下級生主体になっても「3年生のために」戦った京都精華・吉田ひかり [写真]=伊藤大允
バスケットボールキング編集部

 大会4連覇を目指していた京都精華学園高校(京都府)の挑戦は、準決勝で幕を下ろした。12月27日、東京体育館で行われた「SoftBank ウインターカップ2025 令和7年度 第78回全国高等学校バスケットボール選手権大会」女子準決勝。近畿勢対決となった一戦で、京都精華は大阪薫英女学院高校(大阪府)に71-80で敗れ、決勝進出を逃した。

 試合後、ベンチで指揮を執った山本綱義アシスタントコーチは「完敗です」と率直に語った。前半から主導権を握られ、後半に反撃する場面はあったものの、試合全体を通して相手の遂行力が上回ったという評価だった。

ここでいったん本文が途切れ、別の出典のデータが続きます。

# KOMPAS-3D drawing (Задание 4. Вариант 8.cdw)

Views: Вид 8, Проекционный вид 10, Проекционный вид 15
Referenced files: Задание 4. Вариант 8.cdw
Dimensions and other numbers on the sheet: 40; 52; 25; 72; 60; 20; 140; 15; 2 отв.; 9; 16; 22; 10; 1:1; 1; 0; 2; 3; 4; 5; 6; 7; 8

 その敗戦の中で、40分間コートに立ち続けたのが2年生ガードの吉田ひかり。17得点7アシスト――司令塔として攻撃を組み立て、得点面でもチームをけん引したが、チームを勝利に導くことはできなかった。

 第1クォーターは一進一退の立ち上がりとなり、吉田も3ポイントを沈めて応戦した。しかし、第2クォーターに入ると、大阪薫英が外角シュートで流れをつかむ。連続3ポイントを含む12-0のランを許し、京都精華は守備の後手とターンオーバーが重なった。49-31と18点ビハインドで前半を終え、苦しい展開を強いられた。

 それでも、ハーフタイムにチームが下を向くことはなかった。吉田は前半を振り返り、「点差は開いていたが、詰められる感覚はあった」と語る。甘さが出ている部分を突き詰めれば、点差は縮まる。その認識をチーム内で共有し、後半に向かったという。

 後半に入って吉田が意識したのは、攻撃の起点をより明確にすることだった。前半はインサイドを十分に使えなかった反省から、まず中を狙い、寄ってきたところで外を生かす形を選択。テンポを上げた京都精華は速攻や早い展開から得点を重ね、第3クォーター終盤には一桁点差まで詰め寄った。

 しかし、司令塔は自身の後半のプレーを厳しく自己評価する。ドライブを選択した場面で視野が狭くなり、相手のブロックに挟まれた場面があったとし、「もっと外を狙ってから仕掛けるなど、工夫が必要だった」と振り返った。追い上げの過程で手応えを得た一方で、勝ち切るために求められる判断力と精度の差も突き付けられた。

 この試合で吉田が背負っていたのは、司令塔としての役割だけではない。後半、山本ACから「1、2年生で戦う」という言葉を告げられたという。3年生にとって高校最後の大会。下級生が主力としてプレーする時間帯が増える中、吉田の胸に浮かんだのは3年生への思いだった。

「自分たちがやりきれなかったら、3年生も悔いが残ってしまう」。だからこそ、コート上では自然と「3年生のために」という声が出たという。点差を追う厳しい状況でも、チームを前に進めようとするその姿勢は、数字には表れない部分で京都精華を支えていた。

 山本ACは、その吉田については試合前に「ガードとして迷いをなくし、自分が得点していく存在になる必要がある」と伝えていたという。積極的にシュートを狙う姿勢は見られたが、大阪薫英の万全な試合運びを狂わせるには至らなかった。

 ウインターカップ3位という結果は、インターハイ後のチーム状況を踏まえれば前進と言えるのかもしれない。一方で、4連覇という目標を果たすことはできなかった。吉田自身も「(この1年での)成長は感じるが、1位を獲るためにここまでやってきたので」と語り、悔しさを隠さなかった。

 最上級生となる来シーズンは、吉田ひかりをはじめ、これまで主力として経験を積んできた満生小珀や谷彩南らが中心となり、チーム作りが進んでいくだろう。準決勝で味わった敗戦は、京都精華学園にとって一つの区切りであると同時に、次のシーズンへ向かう出発点でもある。失ったタイトルとプライドを取り戻すシーズンはもう始まっている。